▶ **Instructions to follow**:
Copy each entry below exactly as it appears.

▶ **Listed records**:

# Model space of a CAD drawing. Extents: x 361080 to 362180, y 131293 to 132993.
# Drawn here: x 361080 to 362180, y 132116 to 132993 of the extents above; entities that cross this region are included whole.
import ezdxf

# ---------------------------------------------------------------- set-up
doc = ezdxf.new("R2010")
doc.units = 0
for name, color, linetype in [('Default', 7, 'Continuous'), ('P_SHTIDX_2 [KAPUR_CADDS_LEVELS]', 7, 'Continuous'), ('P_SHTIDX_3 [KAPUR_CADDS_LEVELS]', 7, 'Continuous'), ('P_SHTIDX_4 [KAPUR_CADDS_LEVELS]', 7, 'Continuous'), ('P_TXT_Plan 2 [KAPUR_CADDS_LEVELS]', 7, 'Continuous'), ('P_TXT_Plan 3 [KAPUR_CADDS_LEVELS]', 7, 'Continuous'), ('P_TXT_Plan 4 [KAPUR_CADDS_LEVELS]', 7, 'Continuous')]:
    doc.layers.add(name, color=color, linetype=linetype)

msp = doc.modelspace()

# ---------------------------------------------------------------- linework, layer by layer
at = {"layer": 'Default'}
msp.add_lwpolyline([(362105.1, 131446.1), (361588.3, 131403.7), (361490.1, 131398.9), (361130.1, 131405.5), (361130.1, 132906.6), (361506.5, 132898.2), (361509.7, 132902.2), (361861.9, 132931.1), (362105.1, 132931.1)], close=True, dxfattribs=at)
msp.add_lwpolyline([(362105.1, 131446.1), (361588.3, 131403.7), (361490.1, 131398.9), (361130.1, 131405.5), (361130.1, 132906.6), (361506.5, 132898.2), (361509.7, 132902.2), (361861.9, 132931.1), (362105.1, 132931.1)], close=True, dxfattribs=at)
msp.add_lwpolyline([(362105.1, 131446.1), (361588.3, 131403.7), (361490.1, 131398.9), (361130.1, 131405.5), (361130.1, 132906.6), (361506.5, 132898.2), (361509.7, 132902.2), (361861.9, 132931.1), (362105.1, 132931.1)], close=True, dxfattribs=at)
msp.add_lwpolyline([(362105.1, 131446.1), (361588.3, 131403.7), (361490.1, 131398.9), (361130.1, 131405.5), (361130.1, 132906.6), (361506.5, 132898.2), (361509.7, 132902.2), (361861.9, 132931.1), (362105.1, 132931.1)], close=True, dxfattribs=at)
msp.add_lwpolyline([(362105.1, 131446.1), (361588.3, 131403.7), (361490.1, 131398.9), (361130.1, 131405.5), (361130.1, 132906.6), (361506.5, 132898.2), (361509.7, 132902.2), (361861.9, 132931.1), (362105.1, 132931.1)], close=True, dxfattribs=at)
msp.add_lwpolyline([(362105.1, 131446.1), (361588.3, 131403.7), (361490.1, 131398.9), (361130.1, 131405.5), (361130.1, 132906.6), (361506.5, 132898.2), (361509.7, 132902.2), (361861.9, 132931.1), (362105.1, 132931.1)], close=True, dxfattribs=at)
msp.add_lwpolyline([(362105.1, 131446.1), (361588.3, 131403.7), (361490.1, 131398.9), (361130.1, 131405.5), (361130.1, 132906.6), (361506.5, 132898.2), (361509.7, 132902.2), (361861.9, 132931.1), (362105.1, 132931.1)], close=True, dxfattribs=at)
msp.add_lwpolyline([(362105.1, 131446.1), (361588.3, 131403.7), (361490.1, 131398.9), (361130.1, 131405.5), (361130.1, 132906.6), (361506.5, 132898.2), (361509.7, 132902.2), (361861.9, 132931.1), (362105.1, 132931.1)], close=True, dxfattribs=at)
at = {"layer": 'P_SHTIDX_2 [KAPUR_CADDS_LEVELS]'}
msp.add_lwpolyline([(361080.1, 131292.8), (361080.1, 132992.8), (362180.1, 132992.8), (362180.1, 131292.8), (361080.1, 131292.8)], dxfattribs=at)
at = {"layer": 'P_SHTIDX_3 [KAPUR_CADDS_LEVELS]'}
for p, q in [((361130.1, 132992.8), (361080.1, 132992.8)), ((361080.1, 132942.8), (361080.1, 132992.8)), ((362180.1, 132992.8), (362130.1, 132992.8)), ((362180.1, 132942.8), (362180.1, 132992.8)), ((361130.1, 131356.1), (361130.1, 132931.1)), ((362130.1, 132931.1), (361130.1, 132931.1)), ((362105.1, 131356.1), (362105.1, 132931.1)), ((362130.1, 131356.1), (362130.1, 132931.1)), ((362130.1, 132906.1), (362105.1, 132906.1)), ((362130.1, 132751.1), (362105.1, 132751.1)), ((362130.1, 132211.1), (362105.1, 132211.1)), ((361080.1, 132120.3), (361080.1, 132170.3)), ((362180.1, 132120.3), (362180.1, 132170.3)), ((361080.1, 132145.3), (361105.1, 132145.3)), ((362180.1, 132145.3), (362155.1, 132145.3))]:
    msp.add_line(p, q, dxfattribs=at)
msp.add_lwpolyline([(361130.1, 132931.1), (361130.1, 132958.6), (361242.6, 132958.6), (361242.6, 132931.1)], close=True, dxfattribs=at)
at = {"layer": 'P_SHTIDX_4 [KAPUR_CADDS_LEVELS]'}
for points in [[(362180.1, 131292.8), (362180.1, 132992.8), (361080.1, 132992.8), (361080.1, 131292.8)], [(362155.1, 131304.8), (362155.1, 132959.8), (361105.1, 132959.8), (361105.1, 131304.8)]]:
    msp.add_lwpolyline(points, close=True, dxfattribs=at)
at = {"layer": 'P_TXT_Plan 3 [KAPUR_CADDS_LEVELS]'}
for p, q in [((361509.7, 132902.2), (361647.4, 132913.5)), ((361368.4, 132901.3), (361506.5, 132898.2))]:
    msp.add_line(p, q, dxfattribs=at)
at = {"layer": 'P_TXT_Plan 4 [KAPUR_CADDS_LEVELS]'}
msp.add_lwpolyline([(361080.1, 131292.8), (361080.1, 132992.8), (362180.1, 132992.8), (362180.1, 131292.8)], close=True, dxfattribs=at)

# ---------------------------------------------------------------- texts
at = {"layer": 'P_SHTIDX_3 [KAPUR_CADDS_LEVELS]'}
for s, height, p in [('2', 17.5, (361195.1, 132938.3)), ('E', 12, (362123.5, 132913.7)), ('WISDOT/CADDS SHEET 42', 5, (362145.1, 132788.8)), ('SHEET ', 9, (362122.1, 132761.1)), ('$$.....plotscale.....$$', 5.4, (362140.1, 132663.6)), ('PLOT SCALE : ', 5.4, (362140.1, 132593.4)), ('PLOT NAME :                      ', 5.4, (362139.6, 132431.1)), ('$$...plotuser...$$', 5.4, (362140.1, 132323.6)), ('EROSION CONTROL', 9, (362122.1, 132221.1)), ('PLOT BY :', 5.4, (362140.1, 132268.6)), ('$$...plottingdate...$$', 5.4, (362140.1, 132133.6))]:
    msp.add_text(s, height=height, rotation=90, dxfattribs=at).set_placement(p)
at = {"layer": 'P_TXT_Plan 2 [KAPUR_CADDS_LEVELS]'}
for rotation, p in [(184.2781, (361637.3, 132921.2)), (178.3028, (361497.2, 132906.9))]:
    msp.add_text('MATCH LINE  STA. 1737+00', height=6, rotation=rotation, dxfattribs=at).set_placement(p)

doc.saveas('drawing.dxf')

▶ **Answer for the task**:
# Model space of a CAD drawing. Extents: x 361080 to 362180, y 131293 to 132993.
# Drawn here: x 361080 to 362180, y 132116 to 132993 of the extents above; entities that cross this region are included whole.
import ezdxf

# ---------------------------------------------------------------- set-up
doc = ezdxf.new("R2010")
doc.units = 0
for name, color, linetype in [('Default', 7, 'Continuous'), ('P_SHTIDX_2 [KAPUR_CADDS_LEVELS]', 7, 'Continuous'), ('P_SHTIDX_3 [KAPUR_CADDS_LEVELS]', 7, 'Continuous'), ('P_SHTIDX_4 [KAPUR_CADDS_LEVELS]', 7, 'Continuous'), ('P_TXT_Plan 2 [KAPUR_CADDS_LEVELS]', 7, 'Continuous'), ('P_TXT_Plan 3 [KAPUR_CADDS_LEVELS]', 7, 'Continuous'), ('P_TXT_Plan 4 [KAPUR_CADDS_LEVELS]', 7, 'Continuous')]:
    doc.layers.add(name, color=color, linetype=linetype)

msp = doc.modelspace()

# ---------------------------------------------------------------- linework, layer by layer
at = {"layer": 'Default'}
msp.add_lwpolyline([(362105.1, 131446.1), (361588.3, 131403.7), (361490.1, 131398.9), (361130.1, 131405.5), (361130.1, 132906.6), (361506.5, 132898.2), (361509.7, 132902.2), (361861.9, 132931.1), (362105.1, 132931.1)], close=True, dxfattribs=at)
msp.add_lwpolyline([(362105.1, 131446.1), (361588.3, 131403.7), (361490.1, 131398.9), (361130.1, 131405.5), (361130.1, 132906.6), (361506.5, 132898.2), (361509.7, 132902.2), (361861.9, 132931.1), (362105.1, 132931.1)], close=True, dxfattribs=at)
msp.add_lwpolyline([(362105.1, 131446.1), (361588.3, 131403.7), (361490.1, 131398.9), (361130.1, 131405.5), (361130.1, 132906.6), (361506.5, 132898.2), (361509.7, 132902.2), (361861.9, 132931.1), (362105.1, 132931.1)], close=True, dxfattribs=at)
msp.add_lwpolyline([(362105.1, 131446.1), (361588.3, 131403.7), (361490.1, 131398.9), (361130.1, 131405.5), (361130.1, 132906.6), (361506.5, 132898.2), (361509.7, 132902.2), (361861.9, 132931.1), (362105.1, 132931.1)], close=True, dxfattribs=at)
msp.add_lwpolyline([(362105.1, 131446.1), (361588.3, 131403.7), (361490.1, 131398.9), (361130.1, 131405.5), (361130.1, 132906.6), (361506.5, 132898.2), (361509.7, 132902.2), (361861.9, 132931.1), (362105.1, 132931.1)], close=True, dxfattribs=at)
msp.add_lwpolyline([(362105.1, 131446.1), (361588.3, 131403.7), (361490.1, 131398.9), (361130.1, 131405.5), (361130.1, 132906.6), (361506.5, 132898.2), (361509.7, 132902.2), (361861.9, 132931.1), (362105.1, 132931.1)], close=True, dxfattribs=at)
msp.add_lwpolyline([(362105.1, 131446.1), (361588.3, 131403.7), (361490.1, 131398.9), (361130.1, 131405.5), (361130.1, 132906.6), (361506.5, 132898.2), (361509.7, 132902.2), (361861.9, 132931.1), (362105.1, 132931.1)], close=True, dxfattribs=at)
msp.add_lwpolyline([(362105.1, 131446.1), (361588.3, 131403.7), (361490.1, 131398.9), (361130.1, 131405.5), (361130.1, 132906.6), (361506.5, 132898.2), (361509.7, 132902.2), (361861.9, 132931.1), (362105.1, 132931.1)], close=True, dxfattribs=at)
at = {"layer": 'P_SHTIDX_2 [KAPUR_CADDS_LEVELS]'}
msp.add_lwpolyline([(361080.1, 131292.8), (361080.1, 132992.8), (362180.1, 132992.8), (362180.1, 131292.8), (361080.1, 131292.8)], dxfattribs=at)
at = {"layer": 'P_SHTIDX_3 [KAPUR_CADDS_LEVELS]'}
for p, q in [((361130.1, 132992.8), (361080.1, 132992.8)), ((361080.1, 132942.8), (361080.1, 132992.8)), ((362180.1, 132992.8), (362130.1, 132992.8)), ((362180.1, 132942.8), (362180.1, 132992.8)), ((361130.1, 131356.1), (361130.1, 132931.1)), ((362130.1, 132931.1), (361130.1, 132931.1)), ((362105.1, 131356.1), (362105.1, 132931.1)), ((362130.1, 131356.1), (362130.1, 132931.1)), ((362130.1, 132906.1), (362105.1, 132906.1)), ((362130.1, 132751.1), (362105.1, 132751.1)), ((362130.1, 132211.1), (362105.1, 132211.1)), ((361080.1, 132120.3), (361080.1, 132170.3)), ((362180.1, 132120.3), (362180.1, 132170.3)), ((361080.1, 132145.3), (361105.1, 132145.3)), ((362180.1, 132145.3), (362155.1, 132145.3))]:
    msp.add_line(p, q, dxfattribs=at)
msp.add_lwpolyline([(361130.1, 132931.1), (361130.1, 132958.6), (361242.6, 132958.6), (361242.6, 132931.1)], close=True, dxfattribs=at)
at = {"layer": 'P_SHTIDX_4 [KAPUR_CADDS_LEVELS]'}
for points in [[(362180.1, 131292.8), (362180.1, 132992.8), (361080.1, 132992.8), (361080.1, 131292.8)], [(362155.1, 131304.8), (362155.1, 132959.8), (361105.1, 132959.8), (361105.1, 131304.8)]]:
    msp.add_lwpolyline(points, close=True, dxfattribs=at)
at = {"layer": 'P_TXT_Plan 3 [KAPUR_CADDS_LEVELS]'}
for p, q in [((361509.7, 132902.2), (361647.4, 132913.5)), ((361368.4, 132901.3), (361506.5, 132898.2))]:
    msp.add_line(p, q, dxfattribs=at)
at = {"layer": 'P_TXT_Plan 4 [KAPUR_CADDS_LEVELS]'}
msp.add_lwpolyline([(361080.1, 131292.8), (361080.1, 132992.8), (362180.1, 132992.8), (362180.1, 131292.8)], close=True, dxfattribs=at)

# ---------------------------------------------------------------- texts
at = {"layer": 'P_SHTIDX_3 [KAPUR_CADDS_LEVELS]'}
for s, height, p in [('2', 17.5, (361195.1, 132938.3)), ('E', 12, (362123.5, 132913.7)), ('WISDOT/CADDS SHEET 42', 5, (362145.1, 132788.8)), ('SHEET ', 9, (362122.1, 132761.1)), ('$$.....plotscale.....$$', 5.4, (362140.1, 132663.6)), ('PLOT SCALE : ', 5.4, (362140.1, 132593.4)), ('PLOT NAME :                      ', 5.4, (362139.6, 132431.1)), ('$$...plotuser...$$', 5.4, (362140.1, 132323.6)), ('EROSION CONTROL', 9, (362122.1, 132221.1)), ('PLOT BY :', 5.4, (362140.1, 132268.6)), ('$$...plottingdate...$$', 5.4, (362140.1, 132133.6))]:
    msp.add_text(s, height=height, rotation=90, dxfattribs=at).set_placement(p)
at = {"layer": 'P_TXT_Plan 2 [KAPUR_CADDS_LEVELS]'}
for rotation, p in [(184.2781, (361637.3, 132921.2)), (178.3028, (361497.2, 132906.9))]:
    msp.add_text('MATCH LINE  STA. 1737+00', height=6, rotation=rotation, dxfattribs=at).set_placement(p)

doc.saveas('drawing.dxf')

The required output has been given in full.